(Saved data entries)
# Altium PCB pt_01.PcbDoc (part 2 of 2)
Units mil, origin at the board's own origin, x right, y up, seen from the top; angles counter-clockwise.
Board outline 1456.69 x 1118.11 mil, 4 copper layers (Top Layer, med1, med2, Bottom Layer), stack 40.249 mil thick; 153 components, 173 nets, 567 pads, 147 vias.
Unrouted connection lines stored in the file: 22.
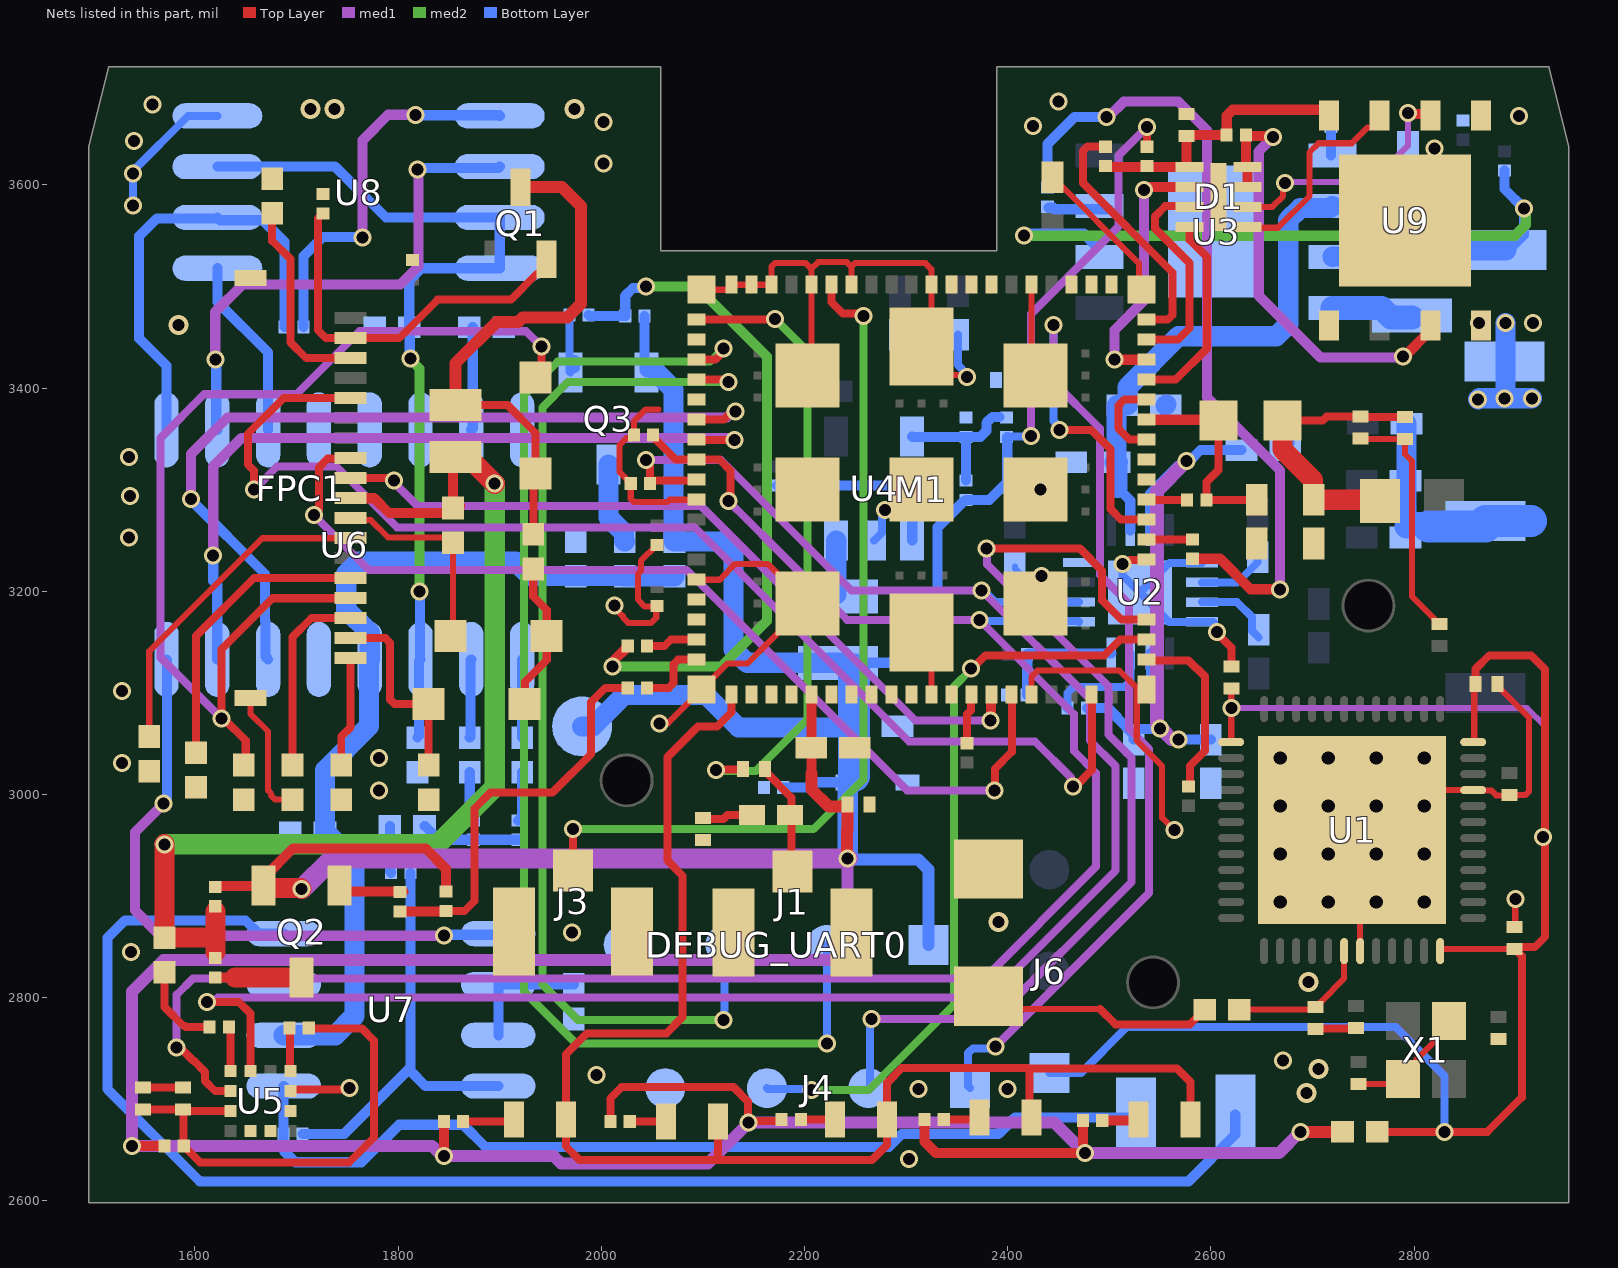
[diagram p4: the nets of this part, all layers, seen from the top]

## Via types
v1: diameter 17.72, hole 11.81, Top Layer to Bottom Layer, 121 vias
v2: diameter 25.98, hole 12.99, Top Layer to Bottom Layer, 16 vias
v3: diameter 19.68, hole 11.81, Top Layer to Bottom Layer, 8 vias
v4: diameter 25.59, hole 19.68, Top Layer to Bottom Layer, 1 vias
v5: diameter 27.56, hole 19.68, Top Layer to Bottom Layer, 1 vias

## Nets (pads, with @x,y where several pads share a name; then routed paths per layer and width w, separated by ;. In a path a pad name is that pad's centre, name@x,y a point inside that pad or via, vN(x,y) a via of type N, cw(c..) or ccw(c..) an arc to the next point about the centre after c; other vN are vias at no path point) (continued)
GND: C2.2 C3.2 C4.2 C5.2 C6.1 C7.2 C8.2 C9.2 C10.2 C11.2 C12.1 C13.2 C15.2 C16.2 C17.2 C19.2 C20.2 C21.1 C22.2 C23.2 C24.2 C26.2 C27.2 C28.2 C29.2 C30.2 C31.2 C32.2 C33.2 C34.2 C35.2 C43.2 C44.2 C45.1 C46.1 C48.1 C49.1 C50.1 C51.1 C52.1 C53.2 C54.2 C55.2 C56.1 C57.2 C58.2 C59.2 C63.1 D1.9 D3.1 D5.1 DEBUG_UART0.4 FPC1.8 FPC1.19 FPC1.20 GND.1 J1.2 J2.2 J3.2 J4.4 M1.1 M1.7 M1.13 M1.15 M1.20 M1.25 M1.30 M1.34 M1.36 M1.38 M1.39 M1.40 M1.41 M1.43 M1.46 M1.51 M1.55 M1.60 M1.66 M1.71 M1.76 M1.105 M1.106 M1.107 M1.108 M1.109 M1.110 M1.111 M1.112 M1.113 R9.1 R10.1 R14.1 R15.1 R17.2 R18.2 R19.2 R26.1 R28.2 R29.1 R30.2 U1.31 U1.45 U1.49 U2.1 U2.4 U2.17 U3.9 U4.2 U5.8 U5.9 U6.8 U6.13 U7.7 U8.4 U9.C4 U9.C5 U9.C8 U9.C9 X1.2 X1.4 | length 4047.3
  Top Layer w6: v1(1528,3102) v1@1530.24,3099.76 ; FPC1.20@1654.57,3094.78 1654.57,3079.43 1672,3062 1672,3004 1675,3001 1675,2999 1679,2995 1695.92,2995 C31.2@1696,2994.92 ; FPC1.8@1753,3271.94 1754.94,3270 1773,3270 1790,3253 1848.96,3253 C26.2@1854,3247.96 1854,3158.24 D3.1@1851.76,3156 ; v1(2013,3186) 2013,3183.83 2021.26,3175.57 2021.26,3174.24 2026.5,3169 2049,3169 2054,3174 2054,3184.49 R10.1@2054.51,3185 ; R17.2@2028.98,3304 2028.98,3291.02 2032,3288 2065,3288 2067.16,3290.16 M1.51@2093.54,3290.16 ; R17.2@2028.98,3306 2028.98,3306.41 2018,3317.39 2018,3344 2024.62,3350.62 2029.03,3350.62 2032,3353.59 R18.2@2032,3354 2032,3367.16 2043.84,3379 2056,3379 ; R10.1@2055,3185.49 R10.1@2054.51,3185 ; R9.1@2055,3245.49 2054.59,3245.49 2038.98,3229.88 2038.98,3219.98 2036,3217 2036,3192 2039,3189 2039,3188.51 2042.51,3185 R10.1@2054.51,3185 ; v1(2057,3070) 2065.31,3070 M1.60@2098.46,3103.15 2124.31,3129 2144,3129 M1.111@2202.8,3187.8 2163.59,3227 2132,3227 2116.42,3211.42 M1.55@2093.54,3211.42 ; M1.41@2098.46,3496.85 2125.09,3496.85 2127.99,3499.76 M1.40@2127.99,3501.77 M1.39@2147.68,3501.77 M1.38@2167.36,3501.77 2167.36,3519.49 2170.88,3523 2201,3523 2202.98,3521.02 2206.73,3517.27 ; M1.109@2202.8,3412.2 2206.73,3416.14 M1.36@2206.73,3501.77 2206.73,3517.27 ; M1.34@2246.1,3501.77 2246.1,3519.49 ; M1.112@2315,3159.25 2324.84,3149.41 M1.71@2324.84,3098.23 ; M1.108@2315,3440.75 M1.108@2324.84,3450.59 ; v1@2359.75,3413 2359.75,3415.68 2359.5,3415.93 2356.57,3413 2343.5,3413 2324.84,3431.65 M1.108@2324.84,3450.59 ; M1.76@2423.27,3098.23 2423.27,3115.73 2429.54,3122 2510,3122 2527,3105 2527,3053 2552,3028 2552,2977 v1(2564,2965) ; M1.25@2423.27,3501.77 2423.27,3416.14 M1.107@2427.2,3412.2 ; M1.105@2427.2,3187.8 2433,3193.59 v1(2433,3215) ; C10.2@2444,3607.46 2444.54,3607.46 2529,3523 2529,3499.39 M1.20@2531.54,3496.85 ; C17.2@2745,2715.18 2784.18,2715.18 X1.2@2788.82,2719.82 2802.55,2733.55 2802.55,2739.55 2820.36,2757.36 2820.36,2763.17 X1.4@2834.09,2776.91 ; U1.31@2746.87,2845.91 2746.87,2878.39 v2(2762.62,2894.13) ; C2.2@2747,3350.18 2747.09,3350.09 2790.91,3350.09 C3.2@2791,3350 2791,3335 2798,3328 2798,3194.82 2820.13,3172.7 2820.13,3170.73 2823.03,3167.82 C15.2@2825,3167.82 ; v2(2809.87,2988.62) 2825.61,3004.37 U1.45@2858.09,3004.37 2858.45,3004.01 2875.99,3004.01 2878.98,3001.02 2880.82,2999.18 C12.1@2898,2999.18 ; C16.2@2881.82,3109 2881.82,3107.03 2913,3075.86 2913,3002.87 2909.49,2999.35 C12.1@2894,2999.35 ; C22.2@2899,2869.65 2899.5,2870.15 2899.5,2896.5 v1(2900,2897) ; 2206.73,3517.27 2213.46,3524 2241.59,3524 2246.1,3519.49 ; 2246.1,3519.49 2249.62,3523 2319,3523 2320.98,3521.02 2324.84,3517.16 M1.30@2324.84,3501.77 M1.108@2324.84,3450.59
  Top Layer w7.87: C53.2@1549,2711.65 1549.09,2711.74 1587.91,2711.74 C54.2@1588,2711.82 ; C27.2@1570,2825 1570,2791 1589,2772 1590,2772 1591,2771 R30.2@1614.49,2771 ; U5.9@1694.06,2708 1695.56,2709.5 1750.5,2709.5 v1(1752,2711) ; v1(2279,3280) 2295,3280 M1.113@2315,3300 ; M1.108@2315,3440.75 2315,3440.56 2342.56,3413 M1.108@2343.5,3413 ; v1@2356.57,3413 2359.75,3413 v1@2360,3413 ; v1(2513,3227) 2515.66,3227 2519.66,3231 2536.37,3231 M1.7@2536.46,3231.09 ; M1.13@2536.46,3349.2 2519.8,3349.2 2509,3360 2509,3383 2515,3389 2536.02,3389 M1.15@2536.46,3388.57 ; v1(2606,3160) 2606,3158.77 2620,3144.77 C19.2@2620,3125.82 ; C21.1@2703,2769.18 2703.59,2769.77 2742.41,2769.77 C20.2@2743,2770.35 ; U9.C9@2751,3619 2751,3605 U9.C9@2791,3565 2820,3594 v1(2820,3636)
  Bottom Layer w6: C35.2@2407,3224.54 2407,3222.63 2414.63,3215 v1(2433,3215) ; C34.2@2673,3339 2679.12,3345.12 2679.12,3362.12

**What this task involves**: When pictures appear in the records above, leave them out and reproduce exactly each line from the first through the line containing "GND: C2.2 C3.2", both included.

**Result**:
# Altium PCB pt_01.PcbDoc (part 2 of 2)
Units mil, origin at the board's own origin, x right, y up, seen from the top; angles counter-clockwise.
Board outline 1456.69 x 1118.11 mil, 4 copper layers (Top Layer, med1, med2, Bottom Layer), stack 40.249 mil thick; 153 components, 173 nets, 567 pads, 147 vias.
Unrouted connection lines stored in the file: 22.
[diagram p4: the nets of this part, all layers, seen from the top]

## Via types
v1: diameter 17.72, hole 11.81, Top Layer to Bottom Layer, 121 vias
v2: diameter 25.98, hole 12.99, Top Layer to Bottom Layer, 16 vias
v3: diameter 19.68, hole 11.81, Top Layer to Bottom Layer, 8 vias
v4: diameter 25.59, hole 19.68, Top Layer to Bottom Layer, 1 vias
v5: diameter 27.56, hole 19.68, Top Layer to Bottom Layer, 1 vias

## Nets (pads, with @x,y where several pads share a name; then routed paths per layer and width w, separated by ;. In a path a pad name is that pad's centre, name@x,y a point inside that pad or via, vN(x,y) a via of type N, cw(c..) or ccw(c..) an arc to the next point about the centre after c; other vN are vias at no path point) (continued)
GND: C2.2 C3.2 C4.2 C5.2 C6.1 C7.2 C8.2 C9.2 C10.2 C11.2 C12.1 C13.2 C15.2 C16.2 C17.2 C19.2 C20.2 C21.1 C22.2 C23.2 C24.2 C26.2 C27.2 C28.2 C29.2 C30.2 C31.2 C32.2 C33.2 C34.2 C35.2 C43.2 C44.2 C45.1 C46.1 C48.1 C49.1 C50.1 C51.1 C52.1 C53.2 C54.2 C55.2 C56.1 C57.2 C58.2 C59.2 C63.1 D1.9 D3.1 D5.1 DEBUG_UART0.4 FPC1.8 FPC1.19 FPC1.20 GND.1 J1.2 J2.2 J3.2 J4.4 M1.1 M1.7 M1.13 M1.15 M1.20 M1.25 M1.30 M1.34 M1.36 M1.38 M1.39 M1.40 M1.41 M1.43 M1.46 M1.51 M1.55 M1.60 M1.66 M1.71 M1.76 M1.105 M1.106 M1.107 M1.108 M1.109 M1.110 M1.111 M1.112 M1.113 R9.1 R10.1 R14.1 R15.1 R17.2 R18.2 R19.2 R26.1 R28.2 R29.1 R30.2 U1.31 U1.45 U1.49 U2.1 U2.4 U2.17 U3.9 U4.2 U5.8 U5.9 U6.8 U6.13 U7.7 U8.4 U9.C4 U9.C5 U9.C8 U9.C9 X1.2 X1.4 | length 4047.3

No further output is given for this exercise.